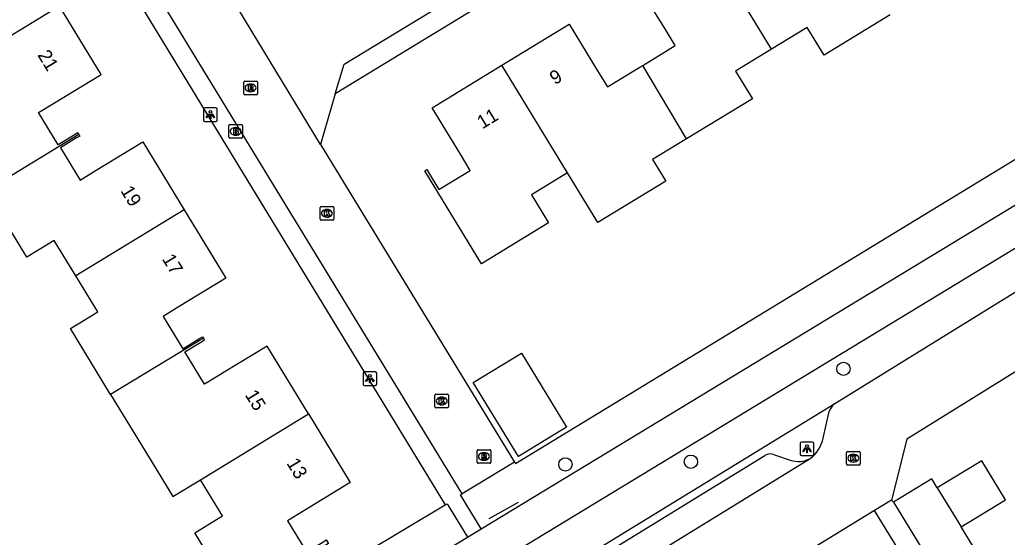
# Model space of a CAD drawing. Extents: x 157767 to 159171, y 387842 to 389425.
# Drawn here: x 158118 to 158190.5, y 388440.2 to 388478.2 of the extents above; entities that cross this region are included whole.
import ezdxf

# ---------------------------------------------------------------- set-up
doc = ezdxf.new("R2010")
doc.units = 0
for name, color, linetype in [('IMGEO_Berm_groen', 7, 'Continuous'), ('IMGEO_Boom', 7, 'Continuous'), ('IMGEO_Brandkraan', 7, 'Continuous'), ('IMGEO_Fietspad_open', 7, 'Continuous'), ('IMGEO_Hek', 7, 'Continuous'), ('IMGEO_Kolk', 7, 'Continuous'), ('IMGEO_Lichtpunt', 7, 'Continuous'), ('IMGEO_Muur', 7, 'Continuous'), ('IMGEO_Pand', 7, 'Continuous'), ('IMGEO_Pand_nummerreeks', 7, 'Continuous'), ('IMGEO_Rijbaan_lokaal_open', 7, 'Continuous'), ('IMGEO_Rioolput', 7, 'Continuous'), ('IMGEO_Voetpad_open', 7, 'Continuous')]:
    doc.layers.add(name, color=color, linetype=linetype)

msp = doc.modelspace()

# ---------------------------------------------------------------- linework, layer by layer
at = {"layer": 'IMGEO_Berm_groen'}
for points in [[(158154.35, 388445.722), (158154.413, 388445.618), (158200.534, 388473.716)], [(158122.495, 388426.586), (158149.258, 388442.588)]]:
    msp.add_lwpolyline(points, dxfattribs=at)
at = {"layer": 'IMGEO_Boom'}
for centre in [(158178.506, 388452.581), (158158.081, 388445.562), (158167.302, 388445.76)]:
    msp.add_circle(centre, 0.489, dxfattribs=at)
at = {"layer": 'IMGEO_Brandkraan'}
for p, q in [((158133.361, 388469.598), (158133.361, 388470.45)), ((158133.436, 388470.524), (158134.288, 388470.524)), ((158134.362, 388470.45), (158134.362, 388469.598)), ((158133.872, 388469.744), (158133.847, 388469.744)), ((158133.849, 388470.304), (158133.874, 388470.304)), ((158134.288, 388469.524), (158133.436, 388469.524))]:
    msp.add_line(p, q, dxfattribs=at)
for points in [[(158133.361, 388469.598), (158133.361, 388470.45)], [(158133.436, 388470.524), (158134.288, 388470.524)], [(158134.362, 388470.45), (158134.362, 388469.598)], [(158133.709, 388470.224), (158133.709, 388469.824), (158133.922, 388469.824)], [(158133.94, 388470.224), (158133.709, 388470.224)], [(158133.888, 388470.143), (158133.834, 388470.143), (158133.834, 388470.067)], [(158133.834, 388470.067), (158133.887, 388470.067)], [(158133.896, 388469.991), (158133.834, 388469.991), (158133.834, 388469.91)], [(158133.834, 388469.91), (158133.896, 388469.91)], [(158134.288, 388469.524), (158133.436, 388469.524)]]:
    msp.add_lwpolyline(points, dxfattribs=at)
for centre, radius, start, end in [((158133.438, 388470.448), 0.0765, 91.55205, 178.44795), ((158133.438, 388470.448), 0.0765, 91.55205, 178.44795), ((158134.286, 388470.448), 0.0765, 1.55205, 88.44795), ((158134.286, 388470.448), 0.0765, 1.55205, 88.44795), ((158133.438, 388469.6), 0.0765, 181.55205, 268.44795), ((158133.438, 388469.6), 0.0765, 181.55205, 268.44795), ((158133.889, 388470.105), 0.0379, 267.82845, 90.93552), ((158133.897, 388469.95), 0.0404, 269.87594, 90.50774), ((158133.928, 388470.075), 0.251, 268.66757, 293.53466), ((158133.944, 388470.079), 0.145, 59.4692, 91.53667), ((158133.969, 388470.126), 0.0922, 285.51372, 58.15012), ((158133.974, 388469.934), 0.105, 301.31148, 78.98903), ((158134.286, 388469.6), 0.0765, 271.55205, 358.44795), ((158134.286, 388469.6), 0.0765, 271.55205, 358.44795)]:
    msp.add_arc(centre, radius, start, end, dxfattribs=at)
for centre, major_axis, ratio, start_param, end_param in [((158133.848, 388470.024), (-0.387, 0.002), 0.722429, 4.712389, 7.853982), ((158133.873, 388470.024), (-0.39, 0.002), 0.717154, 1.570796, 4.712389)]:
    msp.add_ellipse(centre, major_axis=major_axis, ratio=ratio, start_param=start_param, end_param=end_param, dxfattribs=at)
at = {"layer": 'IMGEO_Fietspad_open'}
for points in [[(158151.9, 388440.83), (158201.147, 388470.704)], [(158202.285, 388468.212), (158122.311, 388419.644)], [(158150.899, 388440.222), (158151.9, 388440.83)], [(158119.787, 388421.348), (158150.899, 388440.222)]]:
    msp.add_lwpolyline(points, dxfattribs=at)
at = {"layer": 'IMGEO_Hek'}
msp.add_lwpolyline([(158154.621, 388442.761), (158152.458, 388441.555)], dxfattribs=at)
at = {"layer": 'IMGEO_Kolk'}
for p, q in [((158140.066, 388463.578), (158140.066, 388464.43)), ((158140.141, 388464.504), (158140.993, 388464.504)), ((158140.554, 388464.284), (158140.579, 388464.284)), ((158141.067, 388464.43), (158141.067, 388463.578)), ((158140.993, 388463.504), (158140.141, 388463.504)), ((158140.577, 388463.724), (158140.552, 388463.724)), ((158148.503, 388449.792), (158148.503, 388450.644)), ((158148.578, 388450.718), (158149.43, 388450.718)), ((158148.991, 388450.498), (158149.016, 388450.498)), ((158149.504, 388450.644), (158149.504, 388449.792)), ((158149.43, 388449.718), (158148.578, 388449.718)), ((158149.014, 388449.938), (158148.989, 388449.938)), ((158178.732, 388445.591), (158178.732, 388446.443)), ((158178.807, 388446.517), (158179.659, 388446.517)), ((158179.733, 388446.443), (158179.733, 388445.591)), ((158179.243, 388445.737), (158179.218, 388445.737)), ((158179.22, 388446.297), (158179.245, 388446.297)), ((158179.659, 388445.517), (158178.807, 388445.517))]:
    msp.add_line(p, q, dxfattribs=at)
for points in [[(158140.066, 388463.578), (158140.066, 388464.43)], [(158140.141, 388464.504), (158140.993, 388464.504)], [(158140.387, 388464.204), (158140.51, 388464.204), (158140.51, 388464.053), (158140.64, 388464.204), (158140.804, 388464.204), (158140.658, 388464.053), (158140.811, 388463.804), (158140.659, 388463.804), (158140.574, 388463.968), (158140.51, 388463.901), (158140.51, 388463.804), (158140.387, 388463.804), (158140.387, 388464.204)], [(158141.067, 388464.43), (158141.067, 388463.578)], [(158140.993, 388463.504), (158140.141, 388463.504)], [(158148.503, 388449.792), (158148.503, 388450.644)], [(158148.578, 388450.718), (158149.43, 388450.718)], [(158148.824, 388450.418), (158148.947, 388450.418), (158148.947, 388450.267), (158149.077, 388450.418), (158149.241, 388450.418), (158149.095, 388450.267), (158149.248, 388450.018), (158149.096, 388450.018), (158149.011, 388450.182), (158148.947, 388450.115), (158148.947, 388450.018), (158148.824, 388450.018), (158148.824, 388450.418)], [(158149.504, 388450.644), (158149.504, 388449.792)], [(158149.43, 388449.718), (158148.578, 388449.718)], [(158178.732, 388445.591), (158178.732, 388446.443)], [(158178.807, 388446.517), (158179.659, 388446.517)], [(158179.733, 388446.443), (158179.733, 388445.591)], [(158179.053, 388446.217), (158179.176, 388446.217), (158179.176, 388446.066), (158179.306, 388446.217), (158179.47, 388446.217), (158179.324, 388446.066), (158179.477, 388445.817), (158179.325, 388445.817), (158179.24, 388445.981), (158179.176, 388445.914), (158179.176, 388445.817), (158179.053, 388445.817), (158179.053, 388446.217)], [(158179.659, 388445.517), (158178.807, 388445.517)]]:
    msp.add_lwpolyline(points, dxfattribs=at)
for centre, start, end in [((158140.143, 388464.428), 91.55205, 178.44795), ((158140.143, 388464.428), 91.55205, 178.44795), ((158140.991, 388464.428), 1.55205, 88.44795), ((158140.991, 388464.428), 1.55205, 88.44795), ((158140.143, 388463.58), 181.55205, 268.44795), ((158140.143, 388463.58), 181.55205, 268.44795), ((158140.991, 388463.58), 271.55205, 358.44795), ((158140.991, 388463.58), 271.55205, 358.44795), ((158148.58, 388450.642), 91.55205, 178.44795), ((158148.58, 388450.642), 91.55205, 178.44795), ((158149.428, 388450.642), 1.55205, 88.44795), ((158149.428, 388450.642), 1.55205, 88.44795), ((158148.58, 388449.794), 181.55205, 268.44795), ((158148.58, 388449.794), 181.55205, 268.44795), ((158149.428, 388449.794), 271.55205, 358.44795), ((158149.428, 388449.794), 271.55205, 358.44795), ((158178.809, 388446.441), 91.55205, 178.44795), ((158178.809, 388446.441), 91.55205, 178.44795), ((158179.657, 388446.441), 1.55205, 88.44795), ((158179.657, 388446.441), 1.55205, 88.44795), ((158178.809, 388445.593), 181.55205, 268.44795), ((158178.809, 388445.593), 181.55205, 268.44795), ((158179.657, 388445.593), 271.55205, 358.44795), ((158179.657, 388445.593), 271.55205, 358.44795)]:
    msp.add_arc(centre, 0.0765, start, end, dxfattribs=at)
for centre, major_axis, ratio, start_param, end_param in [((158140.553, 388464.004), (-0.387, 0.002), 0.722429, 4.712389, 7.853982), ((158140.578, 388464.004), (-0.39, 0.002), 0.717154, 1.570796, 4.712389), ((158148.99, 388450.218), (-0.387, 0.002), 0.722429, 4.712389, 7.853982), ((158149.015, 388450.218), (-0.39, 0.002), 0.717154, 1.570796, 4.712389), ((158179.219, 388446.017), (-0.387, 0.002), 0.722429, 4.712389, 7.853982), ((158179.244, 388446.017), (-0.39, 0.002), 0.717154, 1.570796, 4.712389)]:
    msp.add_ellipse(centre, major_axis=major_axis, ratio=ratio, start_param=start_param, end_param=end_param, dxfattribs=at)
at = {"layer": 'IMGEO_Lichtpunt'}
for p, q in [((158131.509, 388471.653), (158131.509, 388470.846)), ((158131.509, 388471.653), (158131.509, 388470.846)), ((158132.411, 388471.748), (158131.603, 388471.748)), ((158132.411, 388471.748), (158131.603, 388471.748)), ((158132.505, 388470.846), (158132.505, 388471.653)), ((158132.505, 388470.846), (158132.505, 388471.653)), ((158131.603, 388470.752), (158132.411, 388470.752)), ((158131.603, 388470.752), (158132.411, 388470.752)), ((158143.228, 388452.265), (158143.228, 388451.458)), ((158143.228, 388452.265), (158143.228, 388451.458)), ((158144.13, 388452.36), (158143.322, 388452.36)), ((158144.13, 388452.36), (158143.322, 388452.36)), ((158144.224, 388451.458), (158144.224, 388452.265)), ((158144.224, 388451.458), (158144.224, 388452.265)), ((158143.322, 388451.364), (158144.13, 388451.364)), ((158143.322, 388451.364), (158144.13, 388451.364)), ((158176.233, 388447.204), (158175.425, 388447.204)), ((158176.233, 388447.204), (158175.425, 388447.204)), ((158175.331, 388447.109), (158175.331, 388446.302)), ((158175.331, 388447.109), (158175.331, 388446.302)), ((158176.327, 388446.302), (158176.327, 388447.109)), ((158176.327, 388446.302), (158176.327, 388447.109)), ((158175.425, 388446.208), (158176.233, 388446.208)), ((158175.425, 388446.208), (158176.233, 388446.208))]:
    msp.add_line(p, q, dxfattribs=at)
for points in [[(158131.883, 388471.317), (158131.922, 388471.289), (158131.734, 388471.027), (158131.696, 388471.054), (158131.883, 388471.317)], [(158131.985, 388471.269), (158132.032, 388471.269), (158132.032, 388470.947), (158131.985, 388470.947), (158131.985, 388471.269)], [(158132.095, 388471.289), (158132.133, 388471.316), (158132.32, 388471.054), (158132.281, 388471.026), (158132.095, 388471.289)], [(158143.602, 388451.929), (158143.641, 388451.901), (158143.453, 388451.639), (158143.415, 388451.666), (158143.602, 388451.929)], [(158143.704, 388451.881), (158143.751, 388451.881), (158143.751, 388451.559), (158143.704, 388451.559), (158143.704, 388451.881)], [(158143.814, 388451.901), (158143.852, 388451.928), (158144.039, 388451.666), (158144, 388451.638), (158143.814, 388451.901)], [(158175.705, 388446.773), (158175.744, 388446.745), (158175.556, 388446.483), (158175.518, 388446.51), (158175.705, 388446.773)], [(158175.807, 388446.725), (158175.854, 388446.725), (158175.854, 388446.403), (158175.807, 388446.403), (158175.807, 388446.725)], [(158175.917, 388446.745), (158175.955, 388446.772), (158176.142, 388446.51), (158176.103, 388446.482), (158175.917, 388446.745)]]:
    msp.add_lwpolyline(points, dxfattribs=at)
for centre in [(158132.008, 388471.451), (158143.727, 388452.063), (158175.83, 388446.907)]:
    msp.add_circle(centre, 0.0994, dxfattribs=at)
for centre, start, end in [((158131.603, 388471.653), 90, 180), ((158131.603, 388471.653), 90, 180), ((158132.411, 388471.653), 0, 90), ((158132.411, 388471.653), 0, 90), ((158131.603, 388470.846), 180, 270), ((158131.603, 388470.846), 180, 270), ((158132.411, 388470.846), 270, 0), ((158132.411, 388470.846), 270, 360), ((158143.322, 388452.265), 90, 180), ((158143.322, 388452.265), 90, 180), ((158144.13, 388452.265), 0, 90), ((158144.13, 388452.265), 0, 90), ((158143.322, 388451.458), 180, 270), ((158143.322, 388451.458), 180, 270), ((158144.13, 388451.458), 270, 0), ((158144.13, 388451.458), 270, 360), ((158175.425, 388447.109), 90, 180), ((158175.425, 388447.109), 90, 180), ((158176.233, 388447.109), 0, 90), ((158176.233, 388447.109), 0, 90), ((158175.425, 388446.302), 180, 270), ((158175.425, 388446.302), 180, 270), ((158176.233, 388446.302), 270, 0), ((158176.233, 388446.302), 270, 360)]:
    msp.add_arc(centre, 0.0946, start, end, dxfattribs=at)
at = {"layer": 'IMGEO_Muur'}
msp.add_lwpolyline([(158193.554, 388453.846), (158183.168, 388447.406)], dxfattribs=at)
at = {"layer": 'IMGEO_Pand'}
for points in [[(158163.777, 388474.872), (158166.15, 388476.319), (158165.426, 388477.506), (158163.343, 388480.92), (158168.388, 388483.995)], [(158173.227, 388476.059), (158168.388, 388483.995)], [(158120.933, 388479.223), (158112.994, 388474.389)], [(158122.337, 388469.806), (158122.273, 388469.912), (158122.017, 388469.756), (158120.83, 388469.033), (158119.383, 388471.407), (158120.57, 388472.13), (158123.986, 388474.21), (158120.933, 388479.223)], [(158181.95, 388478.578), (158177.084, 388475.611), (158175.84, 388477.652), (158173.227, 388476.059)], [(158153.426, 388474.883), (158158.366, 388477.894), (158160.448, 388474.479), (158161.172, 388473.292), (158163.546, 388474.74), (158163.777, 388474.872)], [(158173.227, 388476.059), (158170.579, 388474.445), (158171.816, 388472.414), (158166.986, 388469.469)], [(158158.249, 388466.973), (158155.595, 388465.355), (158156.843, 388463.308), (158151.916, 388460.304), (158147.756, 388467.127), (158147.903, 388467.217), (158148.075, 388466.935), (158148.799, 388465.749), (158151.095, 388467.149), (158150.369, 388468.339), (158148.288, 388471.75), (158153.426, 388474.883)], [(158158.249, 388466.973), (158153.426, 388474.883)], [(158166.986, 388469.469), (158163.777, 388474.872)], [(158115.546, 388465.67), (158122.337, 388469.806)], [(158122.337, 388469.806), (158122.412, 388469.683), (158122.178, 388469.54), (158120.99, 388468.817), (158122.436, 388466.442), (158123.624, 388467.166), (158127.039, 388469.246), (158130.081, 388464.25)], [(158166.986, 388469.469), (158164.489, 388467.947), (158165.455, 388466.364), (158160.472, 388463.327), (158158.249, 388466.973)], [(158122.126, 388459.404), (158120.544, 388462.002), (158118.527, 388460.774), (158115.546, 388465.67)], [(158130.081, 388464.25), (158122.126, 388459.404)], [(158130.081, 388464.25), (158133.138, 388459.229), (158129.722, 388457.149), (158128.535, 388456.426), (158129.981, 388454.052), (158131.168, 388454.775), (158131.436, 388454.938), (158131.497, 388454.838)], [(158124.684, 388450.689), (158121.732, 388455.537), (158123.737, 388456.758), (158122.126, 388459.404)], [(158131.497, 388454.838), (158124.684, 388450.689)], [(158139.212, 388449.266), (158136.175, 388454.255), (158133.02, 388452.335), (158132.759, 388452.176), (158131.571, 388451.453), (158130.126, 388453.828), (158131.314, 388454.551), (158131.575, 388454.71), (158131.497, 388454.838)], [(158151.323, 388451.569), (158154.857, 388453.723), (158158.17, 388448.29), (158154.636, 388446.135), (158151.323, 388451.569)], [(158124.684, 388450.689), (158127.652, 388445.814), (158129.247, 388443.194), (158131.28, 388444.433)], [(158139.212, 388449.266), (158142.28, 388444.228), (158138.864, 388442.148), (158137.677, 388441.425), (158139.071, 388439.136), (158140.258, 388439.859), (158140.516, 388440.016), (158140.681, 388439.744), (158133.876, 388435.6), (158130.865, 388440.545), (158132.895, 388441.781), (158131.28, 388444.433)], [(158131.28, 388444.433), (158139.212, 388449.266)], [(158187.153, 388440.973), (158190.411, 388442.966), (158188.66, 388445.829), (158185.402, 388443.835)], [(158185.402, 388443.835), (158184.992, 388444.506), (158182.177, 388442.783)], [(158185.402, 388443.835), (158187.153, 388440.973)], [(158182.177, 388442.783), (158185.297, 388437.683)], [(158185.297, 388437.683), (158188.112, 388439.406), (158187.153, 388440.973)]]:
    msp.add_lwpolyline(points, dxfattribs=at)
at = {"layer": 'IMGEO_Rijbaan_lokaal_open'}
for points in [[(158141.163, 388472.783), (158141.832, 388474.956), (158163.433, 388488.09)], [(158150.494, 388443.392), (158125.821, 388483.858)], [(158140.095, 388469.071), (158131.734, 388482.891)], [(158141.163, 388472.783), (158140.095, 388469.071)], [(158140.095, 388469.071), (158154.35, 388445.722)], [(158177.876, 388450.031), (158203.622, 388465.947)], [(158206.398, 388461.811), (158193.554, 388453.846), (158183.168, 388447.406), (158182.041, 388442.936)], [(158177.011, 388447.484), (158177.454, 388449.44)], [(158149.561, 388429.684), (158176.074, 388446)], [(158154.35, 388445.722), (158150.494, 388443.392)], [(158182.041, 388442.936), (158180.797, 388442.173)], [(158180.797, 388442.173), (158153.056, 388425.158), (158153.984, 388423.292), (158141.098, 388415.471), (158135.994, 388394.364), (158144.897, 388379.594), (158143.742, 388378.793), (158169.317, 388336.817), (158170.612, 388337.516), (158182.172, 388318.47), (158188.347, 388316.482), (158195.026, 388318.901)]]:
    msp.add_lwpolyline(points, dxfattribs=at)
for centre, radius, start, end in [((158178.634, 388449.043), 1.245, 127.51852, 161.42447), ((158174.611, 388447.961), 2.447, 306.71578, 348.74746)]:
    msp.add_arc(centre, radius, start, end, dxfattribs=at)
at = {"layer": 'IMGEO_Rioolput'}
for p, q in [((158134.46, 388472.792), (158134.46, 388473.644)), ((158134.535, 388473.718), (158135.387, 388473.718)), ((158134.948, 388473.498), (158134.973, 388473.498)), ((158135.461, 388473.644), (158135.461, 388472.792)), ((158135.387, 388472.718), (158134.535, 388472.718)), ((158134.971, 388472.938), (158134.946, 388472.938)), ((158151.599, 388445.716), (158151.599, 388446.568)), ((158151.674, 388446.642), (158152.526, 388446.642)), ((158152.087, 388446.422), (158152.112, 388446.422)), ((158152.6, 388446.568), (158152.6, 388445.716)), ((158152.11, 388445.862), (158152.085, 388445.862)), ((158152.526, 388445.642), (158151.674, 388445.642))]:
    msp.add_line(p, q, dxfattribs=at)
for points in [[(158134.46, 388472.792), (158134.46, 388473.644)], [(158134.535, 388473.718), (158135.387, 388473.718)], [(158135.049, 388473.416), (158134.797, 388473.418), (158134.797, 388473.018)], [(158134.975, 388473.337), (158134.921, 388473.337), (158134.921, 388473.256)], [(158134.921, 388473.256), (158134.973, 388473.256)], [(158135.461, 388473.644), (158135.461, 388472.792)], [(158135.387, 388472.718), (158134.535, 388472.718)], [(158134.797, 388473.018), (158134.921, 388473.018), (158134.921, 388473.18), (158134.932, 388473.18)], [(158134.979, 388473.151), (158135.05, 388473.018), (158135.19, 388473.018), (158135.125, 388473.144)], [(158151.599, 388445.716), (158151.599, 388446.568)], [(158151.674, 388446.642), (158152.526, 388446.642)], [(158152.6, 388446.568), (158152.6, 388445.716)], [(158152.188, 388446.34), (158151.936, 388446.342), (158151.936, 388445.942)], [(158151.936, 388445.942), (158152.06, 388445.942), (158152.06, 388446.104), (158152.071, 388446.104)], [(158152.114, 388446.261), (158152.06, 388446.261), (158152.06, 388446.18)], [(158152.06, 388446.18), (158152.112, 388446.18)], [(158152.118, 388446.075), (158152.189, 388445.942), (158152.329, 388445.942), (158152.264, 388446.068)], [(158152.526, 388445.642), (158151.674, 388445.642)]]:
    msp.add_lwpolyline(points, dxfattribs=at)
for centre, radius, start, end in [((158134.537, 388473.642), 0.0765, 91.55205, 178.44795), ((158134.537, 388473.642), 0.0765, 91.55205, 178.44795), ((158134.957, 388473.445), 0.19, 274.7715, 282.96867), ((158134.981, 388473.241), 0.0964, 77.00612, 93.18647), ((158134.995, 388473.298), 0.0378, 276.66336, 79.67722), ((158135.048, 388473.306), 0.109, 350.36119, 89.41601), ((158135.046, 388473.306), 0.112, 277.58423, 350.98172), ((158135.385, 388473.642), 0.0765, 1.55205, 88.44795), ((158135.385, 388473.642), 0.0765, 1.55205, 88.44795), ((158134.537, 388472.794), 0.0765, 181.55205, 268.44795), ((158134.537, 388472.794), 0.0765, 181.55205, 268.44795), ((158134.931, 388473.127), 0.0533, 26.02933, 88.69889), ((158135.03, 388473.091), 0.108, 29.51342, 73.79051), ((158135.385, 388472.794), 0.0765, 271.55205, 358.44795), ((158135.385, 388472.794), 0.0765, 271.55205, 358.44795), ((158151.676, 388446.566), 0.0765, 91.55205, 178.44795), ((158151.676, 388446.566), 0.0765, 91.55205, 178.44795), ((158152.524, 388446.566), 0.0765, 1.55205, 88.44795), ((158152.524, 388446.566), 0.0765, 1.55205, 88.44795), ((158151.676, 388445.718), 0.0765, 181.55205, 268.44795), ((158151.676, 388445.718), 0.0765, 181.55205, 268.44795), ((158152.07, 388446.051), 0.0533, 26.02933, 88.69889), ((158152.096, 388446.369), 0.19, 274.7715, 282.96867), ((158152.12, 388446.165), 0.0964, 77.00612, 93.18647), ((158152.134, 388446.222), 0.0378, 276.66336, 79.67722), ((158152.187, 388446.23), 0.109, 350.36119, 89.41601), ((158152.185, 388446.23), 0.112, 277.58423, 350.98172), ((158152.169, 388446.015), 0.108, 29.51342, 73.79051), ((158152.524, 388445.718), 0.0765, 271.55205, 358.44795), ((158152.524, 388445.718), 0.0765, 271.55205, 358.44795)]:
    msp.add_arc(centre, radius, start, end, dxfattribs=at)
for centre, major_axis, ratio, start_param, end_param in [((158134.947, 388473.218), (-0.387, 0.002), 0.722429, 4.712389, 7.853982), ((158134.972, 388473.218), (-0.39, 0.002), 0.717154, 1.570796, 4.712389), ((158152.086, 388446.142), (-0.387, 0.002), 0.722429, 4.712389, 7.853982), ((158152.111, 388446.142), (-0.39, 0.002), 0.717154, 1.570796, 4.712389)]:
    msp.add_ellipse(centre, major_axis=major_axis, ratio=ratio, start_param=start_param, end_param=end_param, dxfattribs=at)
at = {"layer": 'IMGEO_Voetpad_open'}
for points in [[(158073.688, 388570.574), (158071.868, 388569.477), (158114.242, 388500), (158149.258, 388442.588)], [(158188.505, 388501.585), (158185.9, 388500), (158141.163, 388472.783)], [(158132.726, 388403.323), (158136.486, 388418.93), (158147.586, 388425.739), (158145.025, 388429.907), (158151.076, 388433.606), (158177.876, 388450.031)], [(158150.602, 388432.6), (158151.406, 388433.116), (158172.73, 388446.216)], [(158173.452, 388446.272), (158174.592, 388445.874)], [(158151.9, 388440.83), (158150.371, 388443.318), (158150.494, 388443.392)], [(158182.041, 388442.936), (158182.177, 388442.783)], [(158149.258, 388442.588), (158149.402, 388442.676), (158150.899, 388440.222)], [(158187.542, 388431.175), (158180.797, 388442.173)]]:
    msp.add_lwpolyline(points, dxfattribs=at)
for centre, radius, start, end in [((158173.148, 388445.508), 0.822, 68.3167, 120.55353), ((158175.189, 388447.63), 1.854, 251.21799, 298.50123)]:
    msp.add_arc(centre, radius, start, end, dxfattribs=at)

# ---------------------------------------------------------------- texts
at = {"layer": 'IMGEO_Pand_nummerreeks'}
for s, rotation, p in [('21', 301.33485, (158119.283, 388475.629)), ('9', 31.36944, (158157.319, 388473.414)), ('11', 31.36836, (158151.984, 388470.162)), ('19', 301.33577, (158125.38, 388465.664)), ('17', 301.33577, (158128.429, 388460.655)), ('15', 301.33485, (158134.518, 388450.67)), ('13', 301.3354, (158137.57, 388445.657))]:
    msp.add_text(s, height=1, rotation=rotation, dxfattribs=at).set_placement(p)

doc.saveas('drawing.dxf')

------------------------

Assigned task: Only the count belongs in your answer, so please work out how many lines of the data contain "rotation".

Task solution: 2